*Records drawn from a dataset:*
▼

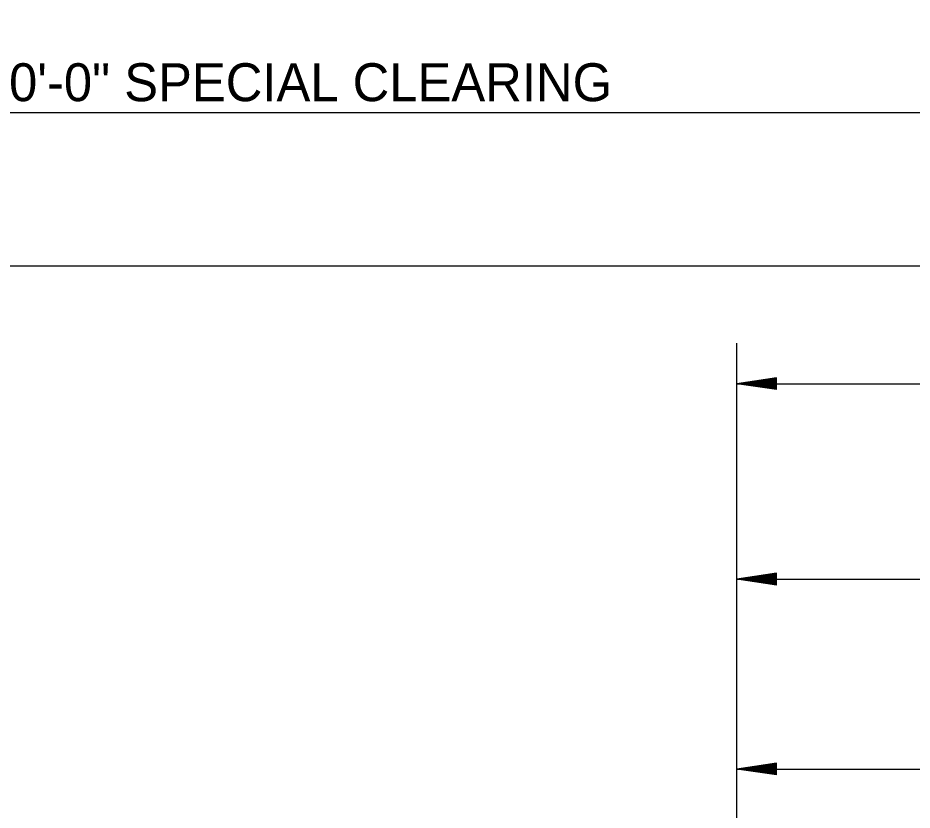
# Model space of a CAD drawing. Extents: x 1364961 to 1365294, y 367927 to 368034.
# Drawn here: x 1365016.31 to 1365029.89, y 367961.91 to 367973.93 of the extents above; entities that cross this region are included whole.
import ezdxf

# ---------------------------------------------------------------- set-up
doc = ezdxf.new("R2010")
doc.units = 0
doc.layers.add('Default', color=7, linetype='Continuous')

msp = doc.modelspace()

# ---------------------------------------------------------------- linework, layer by layer
at = {"layer": 'Default'}
for p, q in [((1365014.9, 367970.169), (1365077.207, 367970.169)), ((1365027.225, 367955.358), (1365027.225, 367968.995)), ((1365027.825, 367968.469), (1365027.225, 367968.379)), ((1365027.825, 367968.289), (1365027.225, 367968.379)), ((1365027.225, 367968.379), (1365065.197, 367968.379)), ((1365027.825, 367968.454), (1365027.325, 367968.379)), ((1365027.825, 367968.304), (1365027.325, 367968.379)), ((1365027.825, 367968.439), (1365027.428, 367968.379)), ((1365027.825, 367968.319), (1365027.428, 367968.379)), ((1365027.825, 367968.424), (1365027.528, 367968.379)), ((1365027.825, 367968.334), (1365027.528, 367968.379)), ((1365027.825, 367968.408), (1365027.63, 367968.379)), ((1365027.825, 367968.35), (1365027.63, 367968.379)), ((1365027.825, 367968.393), (1365027.73, 367968.379)), ((1365027.825, 367968.365), (1365027.73, 367968.379)), ((1365027.825, 367968.289), (1365027.825, 367968.469)), ((1365027.825, 367965.503), (1365027.225, 367965.413)), ((1365027.825, 367965.323), (1365027.225, 367965.413)), ((1365027.225, 367965.413), (1365065.197, 367965.413)), ((1365027.825, 367965.488), (1365027.325, 367965.413)), ((1365027.825, 367965.338), (1365027.325, 367965.413)), ((1365027.825, 367965.473), (1365027.428, 367965.413)), ((1365027.825, 367965.353), (1365027.428, 367965.413)), ((1365027.825, 367965.458), (1365027.528, 367965.413)), ((1365027.825, 367965.368), (1365027.528, 367965.413)), ((1365027.825, 367965.442), (1365027.63, 367965.413)), ((1365027.825, 367965.384), (1365027.63, 367965.413)), ((1365027.825, 367965.427), (1365027.73, 367965.413)), ((1365027.825, 367965.399), (1365027.73, 367965.413)), ((1365027.825, 367965.323), (1365027.825, 367965.503)), ((1365027.825, 367962.622), (1365027.225, 367962.532)), ((1365027.825, 367962.607), (1365027.325, 367962.532)), ((1365027.825, 367962.592), (1365027.428, 367962.532)), ((1365027.825, 367962.577), (1365027.528, 367962.532)), ((1365027.825, 367962.561), (1365027.63, 367962.532)), ((1365027.825, 367962.546), (1365027.73, 367962.532)), ((1365027.825, 367962.442), (1365027.825, 367962.622)), ((1365027.225, 367962.532), (1365065.197, 367962.532)), ((1365027.825, 367962.442), (1365027.225, 367962.532)), ((1365027.825, 367962.457), (1365027.325, 367962.532)), ((1365027.825, 367962.472), (1365027.428, 367962.532)), ((1365027.825, 367962.487), (1365027.528, 367962.532)), ((1365027.825, 367962.503), (1365027.63, 367962.532)), ((1365027.825, 367962.518), (1365027.73, 367962.532))]:
    msp.add_line(p, q, dxfattribs=at)
msp.add_lwpolyline([(1365031.225, 367972.489), (1365011.325, 367972.489), (1365010.468, 367973.929), (1365010.04, 367970.573), (1365009.611, 367972.489), (1365001.225, 367972.489)], dxfattribs=at)

# ---------------------------------------------------------------- texts
msp.add_text('30\'-0" SPECIAL CLEARING', height=0.576, dxfattribs=at).set_placement((1365015.749, 367972.665))

doc.saveas('drawing.dxf')

▲

*WORK REQUIRED:*
Retype the data in full. Images do not go in the copy.

*ANSWER AREA:*
# Model space of a CAD drawing. Extents: x 1364961 to 1365294, y 367927 to 368034.
# Drawn here: x 1365016.31 to 1365029.89, y 367961.91 to 367973.93 of the extents above; entities that cross this region are included whole.
import ezdxf

# ---------------------------------------------------------------- set-up
doc = ezdxf.new("R2010")
doc.units = 0
doc.layers.add('Default', color=7, linetype='Continuous')

msp = doc.modelspace()

# ---------------------------------------------------------------- linework, layer by layer
at = {"layer": 'Default'}
for p, q in [((1365014.9, 367970.169), (1365077.207, 367970.169)), ((1365027.225, 367955.358), (1365027.225, 367968.995)), ((1365027.825, 367968.469), (1365027.225, 367968.379)), ((1365027.825, 367968.289), (1365027.225, 367968.379)), ((1365027.225, 367968.379), (1365065.197, 367968.379)), ((1365027.825, 367968.454), (1365027.325, 367968.379)), ((1365027.825, 367968.304), (1365027.325, 367968.379)), ((1365027.825, 367968.439), (1365027.428, 367968.379)), ((1365027.825, 367968.319), (1365027.428, 367968.379)), ((1365027.825, 367968.424), (1365027.528, 367968.379)), ((1365027.825, 367968.334), (1365027.528, 367968.379)), ((1365027.825, 367968.408), (1365027.63, 367968.379)), ((1365027.825, 367968.35), (1365027.63, 367968.379)), ((1365027.825, 367968.393), (1365027.73, 367968.379)), ((1365027.825, 367968.365), (1365027.73, 367968.379)), ((1365027.825, 367968.289), (1365027.825, 367968.469)), ((1365027.825, 367965.503), (1365027.225, 367965.413)), ((1365027.825, 367965.323), (1365027.225, 367965.413)), ((1365027.225, 367965.413), (1365065.197, 367965.413)), ((1365027.825, 367965.488), (1365027.325, 367965.413)), ((1365027.825, 367965.338), (1365027.325, 367965.413)), ((1365027.825, 367965.473), (1365027.428, 367965.413)), ((1365027.825, 367965.353), (1365027.428, 367965.413)), ((1365027.825, 367965.458), (1365027.528, 367965.413)), ((1365027.825, 367965.368), (1365027.528, 367965.413)), ((1365027.825, 367965.442), (1365027.63, 367965.413)), ((1365027.825, 367965.384), (1365027.63, 367965.413)), ((1365027.825, 367965.427), (1365027.73, 367965.413)), ((1365027.825, 367965.399), (1365027.73, 367965.413)), ((1365027.825, 367965.323), (1365027.825, 367965.503)), ((1365027.825, 367962.622), (1365027.225, 367962.532)), ((1365027.825, 367962.607), (1365027.325, 367962.532)), ((1365027.825, 367962.592), (1365027.428, 367962.532)), ((1365027.825, 367962.577), (1365027.528, 367962.532)), ((1365027.825, 367962.561), (1365027.63, 367962.532)), ((1365027.825, 367962.546), (1365027.73, 367962.532)), ((1365027.825, 367962.442), (1365027.825, 367962.622)), ((1365027.225, 367962.532), (1365065.197, 367962.532)), ((1365027.825, 367962.442), (1365027.225, 367962.532)), ((1365027.825, 367962.457), (1365027.325, 367962.532)), ((1365027.825, 367962.472), (1365027.428, 367962.532)), ((1365027.825, 367962.487), (1365027.528, 367962.532)), ((1365027.825, 367962.503), (1365027.63, 367962.532)), ((1365027.825, 367962.518), (1365027.73, 367962.532))]:
    msp.add_line(p, q, dxfattribs=at)
msp.add_lwpolyline([(1365031.225, 367972.489), (1365011.325, 367972.489), (1365010.468, 367973.929), (1365010.04, 367970.573), (1365009.611, 367972.489), (1365001.225, 367972.489)], dxfattribs=at)

# ---------------------------------------------------------------- texts
msp.add_text('30\'-0" SPECIAL CLEARING', height=0.576, dxfattribs=at).set_placement((1365015.749, 367972.665))

doc.saveas('drawing.dxf')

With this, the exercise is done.